Ultrasensitive Assays for Tau and aSyn Aggregates in AD and PD

Can novel tests for measuring protein clumps help diagnose Alzheimer’s, Parkinson’s disease and other dementias?

Allison Kraus, Ph.D.
National Institute of Allergy and Infectious Diseases
Bethesda, MD - United States


Many brain disorders, including Alzheimer’s (AD) and Parkinson’s disease (PD), are characterized by abnormal proteins in the brain. These proteins accumulate into clumps that can damage brain cell health and function. The two major hallmarks of Alzheimer’s are beta-amyloid plaques and the abnormal form of the tau protein forming tau tangles. A different protein called the alpha-synuclein that misfolds and forms clumps in the brain, is a characteristic of Parkinson’s disease.
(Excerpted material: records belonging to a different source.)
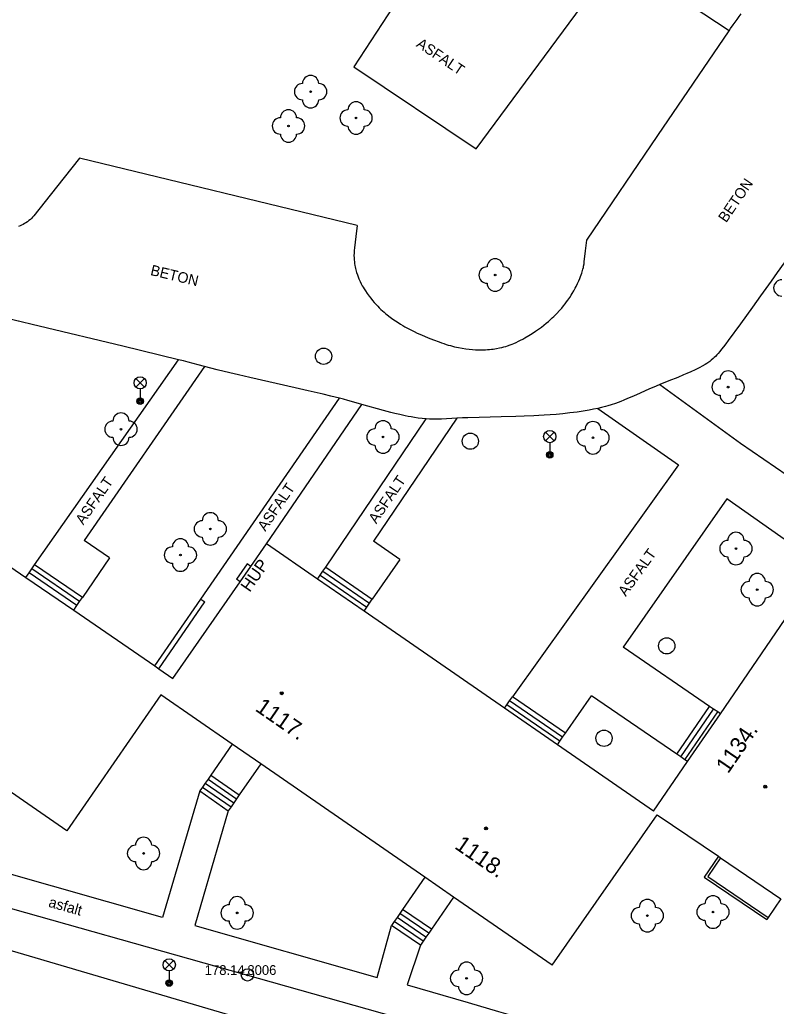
# Model space of a CAD drawing. Extents: x -539515 to -538098, y -1182060 to -1180157.
# Drawn here: x -538763.3 to -538716.8, y -1181224.5 to -1181163.7 of the extents above; entities that cross this region are included whole.
import ezdxf

# ---------------------------------------------------------------- set-up
doc = ezdxf.new("R2010")
doc.units = 0
for name, color, linetype in [('Vrstva 10', 7, 'Continuous'), ('Vrstva 11', 7, 'Continuous'), ('Vrstva 21', 7, 'Continuous'), ('Vrstva 22', 7, 'Continuous'), ('Vrstva 23', 7, 'Continuous'), ('Vrstva 24', 7, 'Continuous'), ('Vrstva 27', 7, 'Continuous'), ('Vrstva 33', 7, 'Continuous'), ('Vrstva 39', 7, 'Continuous'), ('Vrstva 40', 7, 'Continuous'), ('Vrstva 41', 7, 'Continuous'), ('Vrstva 47', 7, 'Continuous'), ('Vrstva 5', 7, 'Continuous'), ('Vrstva 7', 7, 'Continuous')]:
    doc.layers.add(name, color=color, linetype=linetype)

msp = doc.modelspace()

# ---------------------------------------------------------------- linework, layer by layer
at = {"layer": 'Vrstva 10'}
for p, q in [((-538724.04, -1181170.835), (-538719.66, -1181164.39)), ((-538728.42, -1181177.28), (-538724.04, -1181170.835)), ((-538742.55, -1181176.37), (-538759.65, -1181172.24)), ((-538756.982, -1181183.814), (-538762.131, -1181182.578)), ((-538753.55, -1181184.64), (-538756.982, -1181183.814))]:
    msp.add_line(p, q, dxfattribs=at)
for points in [[(-538719.66, -1181164.39), (-538719.568, -1181164.257), (-538719.404, -1181164.028), (-538719.154, -1181163.686), (-538719.031, -1181163.514), (-538718.91, -1181163.34)], [(-538759.65, -1181172.24), (-538761.055, -1181174.01), (-538762.46, -1181175.78), (-538762.5, -1181175.829), (-538762.542, -1181175.876), (-538762.583, -1181175.92), (-538762.67, -1181176.003), (-538762.758, -1181176.079), (-538762.848, -1181176.146), (-538762.938, -1181176.208), (-538763.029, -1181176.263), (-538763.121, -1181176.312), (-538763.211, -1181176.357), (-538763.302, -1181176.397), (-538763.391, -1181176.433)], [(-538742.55, -1181176.37), (-538742.635, -1181177.058), (-538742.72, -1181177.747), (-538742.737, -1181177.917), (-538742.747, -1181178.076), (-538742.749, -1181178.225), (-538742.746, -1181178.363), (-538742.738, -1181178.493), (-538742.727, -1181178.615), (-538742.712, -1181178.728), (-538742.695, -1181178.834), (-538742.676, -1181178.934), (-538742.656, -1181179.027), (-538742.635, -1181179.114), (-538742.589, -1181179.277), (-538742.542, -1181179.42), (-538742.496, -1181179.544), (-538742.452, -1181179.653), (-538742.41, -1181179.748), (-538742.371, -1181179.831), (-538742.299, -1181179.976), (-538742.24, -1181180.084), (-538742.193, -1181180.166), (-538742.119, -1181180.288), (-538742.04, -1181180.41), (-538741.929, -1181180.571), (-538741.819, -1181180.722), (-538741.711, -1181180.863), (-538741.603, -1181180.995), (-538741.497, -1181181.119), (-538741.393, -1181181.235), (-538741.29, -1181181.344), (-538741.189, -1181181.446), (-538741.09, -1181181.542), (-538740.992, -1181181.633), (-538740.896, -1181181.718), (-538740.803, -1181181.799), (-538740.711, -1181181.875), (-538740.531, -1181182.016), (-538740.359, -1181182.143), (-538740.195, -1181182.257), (-538740.039, -1181182.359), (-538739.891, -1181182.452), (-538739.751, -1181182.535), (-538739.618, -1181182.611), (-538739.493, -1181182.681), (-538739.255, -1181182.805), (-538739.044, -1181182.91), (-538738.857, -1181182.998), (-538738.692, -1181183.072), (-538738.401, -1181183.198), (-538738.181, -1181183.289), (-538737.847, -1181183.421), (-538737.51, -1181183.55), (-538737.365, -1181183.603)], [(-538714.704, -1181176.313), (-538715.01, -1181176.79), (-538715.29, -1181177.216), (-538715.555, -1181177.613), (-538715.805, -1181177.984), (-538716.28, -1181178.675), (-538716.699, -1181179.277), (-538717.069, -1181179.802), (-538717.722, -1181180.717), (-538718.216, -1181181.401), (-538718.962, -1181182.425), (-538719.71, -1181183.45), (-538719.864, -1181183.66), (-538720, -1181183.843), (-538720.122, -1181184.001), (-538720.233, -1181184.137), (-538720.332, -1181184.253), (-538720.421, -1181184.352), (-538720.502, -1181184.436)], [(-538730.446, -1181181.975), (-538730.35, -1181181.88), (-538730.262, -1181181.79), (-538730.102, -1181181.617), (-538729.965, -1181181.461), (-538729.849, -1181181.321), (-538729.75, -1181181.195), (-538729.666, -1181181.083), (-538729.593, -1181180.984), (-538729.47, -1181180.805), (-538729.381, -1181180.668), (-538729.316, -1181180.564), (-538729.221, -1181180.404), (-538729.13, -1181180.24), (-538729.077, -1181180.14), (-538728.983, -1181179.953), (-538728.908, -1181179.79), (-538728.847, -1181179.646), (-538728.797, -1181179.52), (-538728.757, -1181179.409), (-538728.725, -1181179.312), (-538728.699, -1181179.227), (-538728.658, -1181179.076), (-538728.631, -1181178.962), (-538728.613, -1181178.875), (-538728.591, -1181178.745), (-538728.573, -1181178.613), (-538728.496, -1181177.946), (-538728.42, -1181177.28)], [(-538762.131, -1181182.578), (-538764.706, -1181181.96), (-538767.28, -1181181.34), (-538768.045, -1181181.155), (-538768.81, -1181180.97), (-538769.744, -1181180.745), (-538771.146, -1181180.414), (-538771.848, -1181180.251)], [(-538737.365, -1181183.603), (-538737.223, -1181183.652), (-538737.084, -1181183.696), (-538736.949, -1181183.737), (-538736.816, -1181183.775), (-538736.686, -1181183.809), (-538736.56, -1181183.84), (-538736.437, -1181183.868), (-538736.317, -1181183.894), (-538736.084, -1181183.937), (-538735.864, -1181183.971), (-538735.656, -1181183.996), (-538735.461, -1181184.015), (-538735.278, -1181184.027), (-538735.106, -1181184.033), (-538734.945, -1181184.035), (-538734.794, -1181184.033), (-538734.653, -1181184.028), (-538734.521, -1181184.02), (-538734.398, -1181184.009), (-538734.283, -1181183.997), (-538734.175, -1181183.984), (-538733.974, -1181183.953), (-538733.8, -1181183.92), (-538733.649, -1181183.885), (-538733.517, -1181183.852), (-538733.403, -1181183.819), (-538733.304, -1181183.788), (-538733.132, -1181183.729), (-538733.004, -1181183.68), (-538732.909, -1181183.641), (-538732.769, -1181183.578), (-538732.63, -1181183.51), (-538732.493, -1181183.439), (-538732.362, -1181183.368), (-538732.236, -1181183.298), (-538731.997, -1181183.158), (-538731.776, -1181183.021), (-538731.574, -1181182.888), (-538731.388, -1181182.758), (-538731.217, -1181182.633), (-538731.061, -1181182.513), (-538730.916, -1181182.396), (-538730.784, -1181182.284), (-538730.662, -1181182.176), (-538730.549, -1181182.073), (-538730.446, -1181181.975)], [(-538745.564, -1181186.55), (-538746.363, -1181186.367), (-538749.161, -1181185.737), (-538749.86, -1181185.577), (-538750.384, -1181185.454), (-538751.168, -1181185.266), (-538751.559, -1181185.169), (-538751.95, -1181185.07), (-538752.35, -1181184.963), (-538752.949, -1181184.797), (-538753.249, -1181184.716), (-538753.55, -1181184.64)], [(-538720.502, -1181184.436), (-538720.574, -1181184.508), (-538720.639, -1181184.569), (-538720.756, -1181184.671), (-538720.847, -1181184.744), (-538720.918, -1181184.796)], [(-538720.918, -1181184.796), (-538721.027, -1181184.871), (-538721.14, -1181184.94), (-538721.308, -1181185.034), (-538721.467, -1181185.119), (-538721.617, -1181185.195), (-538721.758, -1181185.265), (-538722.024, -1181185.39), (-538722.258, -1181185.494), (-538722.464, -1181185.582), (-538722.826, -1181185.732), (-538723.372, -1181185.95), (-538723.92, -1181186.17), (-538724.157, -1181186.269), (-538724.598, -1181186.461), (-538725.366, -1181186.804), (-538725.654, -1181186.931), (-538725.907, -1181187.039), (-538726.13, -1181187.13)], [(-538744.652, -1181186.764), (-538745.564, -1181186.55)], [(-538735.732, -1181188.213), (-538736.071, -1181188.226), (-538736.41, -1181188.24), (-538737.361, -1181188.296), (-538737.598, -1181188.305), (-538737.776, -1181188.308), (-538737.91, -1181188.308), (-538738.11, -1181188.303), (-538738.31, -1181188.29), (-538738.562, -1181188.265), (-538738.798, -1181188.236), (-538739.018, -1181188.204), (-538739.224, -1181188.169), (-538739.416, -1181188.134), (-538739.596, -1181188.098), (-538739.933, -1181188.025), (-538740.227, -1181187.956), (-538740.483, -1181187.891), (-538740.931, -1181187.773), (-538742.27, -1181187.4), (-538742.615, -1181187.302), (-538743.132, -1181187.151), (-538743.39, -1181187.079), (-538743.65, -1181187.01), (-538744.167, -1181186.882), (-538744.652, -1181186.764)], [(-538726.13, -1181187.13), (-538726.326, -1181187.207), (-538726.498, -1181187.273), (-538726.65, -1181187.328), (-538726.917, -1181187.418), (-538727.12, -1181187.481), (-538727.273, -1181187.525), (-538727.505, -1181187.586), (-538727.74, -1181187.64), (-538728.009, -1181187.695), (-538728.27, -1181187.744), (-538728.523, -1181187.788), (-538728.769, -1181187.827), (-538729.007, -1181187.862), (-538729.237, -1181187.894), (-538729.46, -1181187.922), (-538729.893, -1181187.971), (-538730.3, -1181188.009), (-538730.681, -1181188.04), (-538731.038, -1181188.065), (-538731.373, -1181188.085), (-538731.688, -1181188.101), (-538732.278, -1181188.126), (-538732.794, -1181188.142), (-538733.698, -1181188.164), (-538735.054, -1181188.194), (-538735.732, -1181188.213)]]:
    msp.add_lwpolyline(points, dxfattribs=at)
at = {"layer": 'Vrstva 11'}
for p, q in [((-538736.25, -1181156.58), (-538742.75, -1181166.61)), ((-538735.22, -1181171.66), (-538726.507, -1181159.859)), ((-538719.66, -1181164.39), (-538726.507, -1181159.859)), ((-538742.75, -1181166.61), (-538735.22, -1181171.66)), ((-538762.41, -1181197.27), (-538753.55, -1181184.64)), ((-538751.95, -1181185.07), (-538759.36, -1181195.77)), ((-538723.92, -1181186.17), (-538718.96, -1181189.79)), ((-538752.18, -1181199.39), (-538743.65, -1181187.01)), ((-538748.13, -1181195.98), (-538742.27, -1181187.4)), ((-538727.74, -1181187.64), (-538722.78, -1181191.12)), ((-538744.49, -1181197.41), (-538738.31, -1181188.29)), ((-538736.41, -1181188.24), (-538741.55, -1181195.81)), ((-538718.96, -1181189.79), (-538712.702, -1181194.072)), ((-538722.78, -1181191.12), (-538733, -1181205.39)), ((-538719.81, -1181193.21), (-538726.19, -1181202.34)), ((-538714.61, -1181196.86), (-538719.81, -1181193.21)), ((-538757.793, -1181196.844), (-538759.36, -1181195.77)), ((-538739.923, -1181196.934), (-538741.55, -1181195.81)), ((-538759.467, -1181199.287), (-538762.41, -1181197.27)), ((-538757.793, -1181196.844), (-538759.467, -1181199.287)), ((-538744.49, -1181197.41), (-538741.62, -1181199.39)), ((-538739.923, -1181196.934), (-538741.62, -1181199.39)), ((-538759.806, -1181199.781), (-538762.749, -1181197.764)), ((-538759.636, -1181199.534), (-538762.579, -1181197.517)), ((-538744.83, -1181197.901), (-538741.961, -1181199.883)), ((-538744.659, -1181197.654), (-538741.79, -1181199.636)), ((-538720.86, -1181205.988), (-538726.19, -1181202.34)), ((-538730.078, -1181208.136), (-538733.34, -1181205.883)), ((-538729.908, -1181207.889), (-538733.17, -1181205.636)), ((-538729.738, -1181207.643), (-538733, -1181205.39)), ((-538729.738, -1181207.643), (-538728.14, -1181205.33)), ((-538722.875, -1181208.933), (-538728.14, -1181205.33)), ((-538722.875, -1181208.933), (-538720.86, -1181205.988)), ((-538722.627, -1181209.102), (-538720.612, -1181206.157)), ((-538722.379, -1181209.271), (-538720.364, -1181206.326)), ((-538751.901, -1181210.715), (-538750.148, -1181211.926)), ((-538751.731, -1181210.468), (-538749.978, -1181211.679)), ((-538751.56, -1181210.221), (-538749.807, -1181211.432)), ((-538752.23, -1181211.19), (-538754.53, -1181218.99)), ((-538752.23, -1181211.19), (-538750.49, -1181212.42)), ((-538752.072, -1181210.962), (-538750.319, -1181212.173)), ((-538750.49, -1181212.42), (-538752.55, -1181219.47)), ((-538754.53, -1181218.99), (-538769.32, -1181214.77)), ((-538733.22, -1181227.08), (-538775.4, -1181215.19)), ((-538716.472, -1181217.831), (-538717.255, -1181218.985)), ((-538737.982, -1181219.708), (-538739.758, -1181218.482)), ((-538738.493, -1181220.449), (-538740.269, -1181219.223)), ((-538738.323, -1181220.202), (-538740.099, -1181218.976)), ((-538738.152, -1181219.955), (-538739.928, -1181218.729)), ((-538752.55, -1181219.47), (-538741.32, -1181222.67)), ((-538741.32, -1181222.67), (-538740.44, -1181219.47)), ((-538738.66, -1181220.69), (-538740.44, -1181219.47)), ((-538738.66, -1181220.69), (-538739.48, -1181223.14))]:
    msp.add_line(p, q, dxfattribs=at)
for points in [[(-538762.945, -1181198.05), (-538762.749, -1181197.764), (-538762.579, -1181197.517), (-538762.41, -1181197.27)], [(-538744.997, -1181198.144), (-538744.83, -1181197.901), (-538744.659, -1181197.654), (-538744.49, -1181197.41)], [(-538760.002, -1181200.068), (-538759.806, -1181199.781), (-538759.636, -1181199.534), (-538759.467, -1181199.287)], [(-538742.129, -1181200.126), (-538741.961, -1181199.883), (-538741.79, -1181199.636), (-538741.62, -1181199.39)], [(-538733.488, -1181206.096), (-538733.34, -1181205.883), (-538733.17, -1181205.636), (-538733, -1181205.39)], [(-538720.2, -1181206.44), (-538720.364, -1181206.326), (-538720.612, -1181206.157), (-538720.86, -1181205.988)], [(-538730.226, -1181208.35), (-538730.078, -1181208.136), (-538729.908, -1181207.889), (-538729.738, -1181207.643)], [(-538750.245, -1181208.316), (-538751.56, -1181210.221), (-538751.731, -1181210.468), (-538751.901, -1181210.715), (-538752.072, -1181210.962), (-538752.23, -1181211.19)], [(-538722.215, -1181209.385), (-538722.379, -1181209.271), (-538722.627, -1181209.102), (-538722.875, -1181208.933)], [(-538748.492, -1181209.527), (-538749.807, -1181211.432), (-538749.978, -1181211.679), (-538750.148, -1181211.926), (-538750.319, -1181212.173), (-538750.49, -1181212.42)], [(-538738.391, -1181216.504), (-538739.758, -1181218.482), (-538739.928, -1181218.729), (-538740.099, -1181218.976), (-538740.269, -1181219.223), (-538740.44, -1181219.47)], [(-538736.616, -1181217.73), (-538737.982, -1181219.708), (-538738.152, -1181219.955), (-538738.323, -1181220.202), (-538738.493, -1181220.449), (-538738.66, -1181220.69)], [(-538739.48, -1181223.14), (-538735.731, -1181224.223), (-538733.856, -1181224.764), (-538731.98, -1181225.3)]]:
    msp.add_lwpolyline(points, dxfattribs=at)
at = {"layer": 'Vrstva 21'}
for radius in [0.375, 0.375, 0.05, 0.05]:
    msp.add_circle((-538749.31, -1181222.52), radius, dxfattribs=at)
at = {"layer": 'Vrstva 22'}
for centre in [(-538745.42, -1181168.14), (-538742.62, -1181169.76), (-538746.78, -1181170.25), (-538734.06, -1181179.43), (-538719.72, -1181186.33), (-538757.09, -1181188.92), (-538740.96, -1181189.4), (-538728.04, -1181189.45), (-538751.59, -1181195.06), (-538753.43, -1181196.67), (-538719.24, -1181196.27), (-538717.93, -1181198.8), (-538755.7, -1181215.04), (-538749.94, -1181218.7), (-538720.65, -1181218.65), (-538724.69, -1181218.87), (-538735.82, -1181222.73)]:
    msp.add_circle(centre, 0.05, dxfattribs=at)
for centre, start, end in [((-538745.92, -1181168.14), 90, 270), ((-538745.42, -1181167.64), 0, 180), ((-538744.92, -1181168.14), 270, 90), ((-538745.42, -1181168.64), 180, 0), ((-538742.62, -1181169.26), 0, 180), ((-538746.78, -1181169.75), 0, 180), ((-538743.12, -1181169.76), 90, 270), ((-538742.12, -1181169.76), 270, 90), ((-538747.28, -1181170.25), 90, 270), ((-538746.28, -1181170.25), 270, 90), ((-538742.62, -1181170.26), 180, 0), ((-538746.78, -1181170.75), 180, 0), ((-538734.06, -1181178.93), 0, 180), ((-538734.56, -1181179.43), 90, 270), ((-538733.56, -1181179.43), 270, 90), ((-538716.42, -1181180.22), 90, 270), ((-538734.06, -1181179.93), 180, 0), ((-538720.22, -1181186.33), 90, 270), ((-538719.72, -1181185.83), 0, 180), ((-538719.22, -1181186.33), 270, 90), ((-538719.72, -1181186.83), 180, 0), ((-538757.09, -1181188.42), 0, 180), ((-538757.59, -1181188.92), 90, 270), ((-538756.59, -1181188.92), 270, 90), ((-538741.46, -1181189.4), 90, 270), ((-538740.96, -1181188.9), 0, 180), ((-538740.46, -1181189.4), 270, 90), ((-538728.04, -1181188.95), 0, 180), ((-538757.09, -1181189.42), 180, 0), ((-538728.54, -1181189.45), 90, 270), ((-538727.54, -1181189.45), 270, 90), ((-538740.96, -1181189.9), 180, 0), ((-538728.04, -1181189.95), 180, 0), ((-538751.59, -1181194.56), 0, 180), ((-538752.09, -1181195.06), 90, 270), ((-538751.09, -1181195.06), 270, 90), ((-538751.59, -1181195.56), 180, 0), ((-538719.24, -1181195.77), 0, 180), ((-538753.93, -1181196.67), 90, 270), ((-538753.43, -1181196.17), 0, 180), ((-538752.93, -1181196.67), 270, 90), ((-538719.74, -1181196.27), 90, 270), ((-538718.74, -1181196.27), 270, 90), ((-538719.24, -1181196.77), 180, 0), ((-538753.43, -1181197.17), 180, 0), ((-538717.93, -1181198.3), 0, 180), ((-538718.43, -1181198.8), 90, 270), ((-538717.43, -1181198.8), 270, 90), ((-538717.93, -1181199.3), 180, 0), ((-538755.7, -1181214.54), 0, 180), ((-538756.2, -1181215.04), 90, 270), ((-538755.2, -1181215.04), 270, 90), ((-538755.7, -1181215.54), 180, 0), ((-538749.94, -1181218.2), 0, 180), ((-538724.69, -1181218.37), 0, 180), ((-538720.65, -1181218.15), 0, 180), ((-538750.44, -1181218.7), 90, 270), ((-538749.44, -1181218.7), 270, 90), ((-538725.19, -1181218.87), 90, 270), ((-538724.19, -1181218.87), 270, 90), ((-538721.15, -1181218.65), 90, 270), ((-538720.15, -1181218.65), 270, 90), ((-538749.94, -1181219.2), 180, 0), ((-538720.65, -1181219.15), 180, 0), ((-538724.69, -1181219.37), 180, 0), ((-538736.32, -1181222.73), 90, 270), ((-538735.82, -1181222.23), 0, 180), ((-538735.32, -1181222.73), 270, 90), ((-538735.82, -1181223.23), 180, 0)]:
    msp.add_arc(centre, 0.5, start, end, dxfattribs=at)
at = {"layer": 'Vrstva 24'}
for p, q in [((-538749.333, -1181197.205), (-538749.99, -1181198.15)), ((-538749.097, -1181197.369), (-538749.333, -1181197.205)), ((-538749.754, -1181198.314), (-538749.99, -1181198.15))]:
    msp.add_line(p, q, dxfattribs=at)
at = {"layer": 'Vrstva 27'}
for centre in [(-538744.62, -1181184.43), (-538735.59, -1181189.66), (-538723.5, -1181202.26), (-538727.36, -1181207.95)]:
    msp.add_circle(centre, 0.5, dxfattribs=at)
at = {"layer": 'Vrstva 33'}
for p, q in [((-538756.175, -1181186.33), (-538755.645, -1181185.8)), ((-538756.175, -1181185.8), (-538755.645, -1181186.33)), ((-538755.91, -1181186.44), (-538755.91, -1181187.19)), ((-538730.965, -1181189.64), (-538730.435, -1181189.11)), ((-538730.965, -1181189.11), (-538730.435, -1181189.64)), ((-538730.7, -1181189.75), (-538730.7, -1181190.5)), ((-538754.385, -1181222.16), (-538753.855, -1181221.63)), ((-538754.385, -1181221.63), (-538753.855, -1181222.16)), ((-538754.12, -1181222.27), (-538754.12, -1181223.02))]:
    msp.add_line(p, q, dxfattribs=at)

Studies show that many individuals have brain changes associated with more than one type of these misfolded proteins such as plaques, Lewy bodies and tangles, thus making a definitive diagnosis more challenging. To enable future methods of diagnosing brain diseases, researchers are investigating optimal methods that could measure multiple types of protein levels in the brain.

Research Plan

In preliminary research, Dr. Allison Kraus and colleagues have developed a series of tests for detecting very low levels of abnormal tau and alpha-synuclein in the brains of individuals with Alzheimer’s and Parkinson’s disease. Building on these findings, Dr. Kraus and colleagues will conduct a more thorough assessment of their protein-measuring tools. The researchers will quantify multiple proteins in the brain tissue, cerebrospinal fluid (or biological fluid surrounding the brain and spinal cord) and nasal cavity tissue (or tissue behind the nose) from people with Alzheimer’s, Parkinson’s disease and other brain diseases. Based on past studies, Dr. Kraus believes that protein clumps in the cerebrospinal fluid and nasal cavity tissue may indicate disease in the brain. Dr. Kraus believes that since disruption of sensory systems such as smell may occur early in Alzheimer’s, a noninvasive test such as nasal swipe may help in the early detection of disease.


If successful, this project could identify a potential method for improving the early diagnosis of Alzheimer’s, Parkinson’s and other dementias. This method could also lead to more accurately-targeted disease therapies.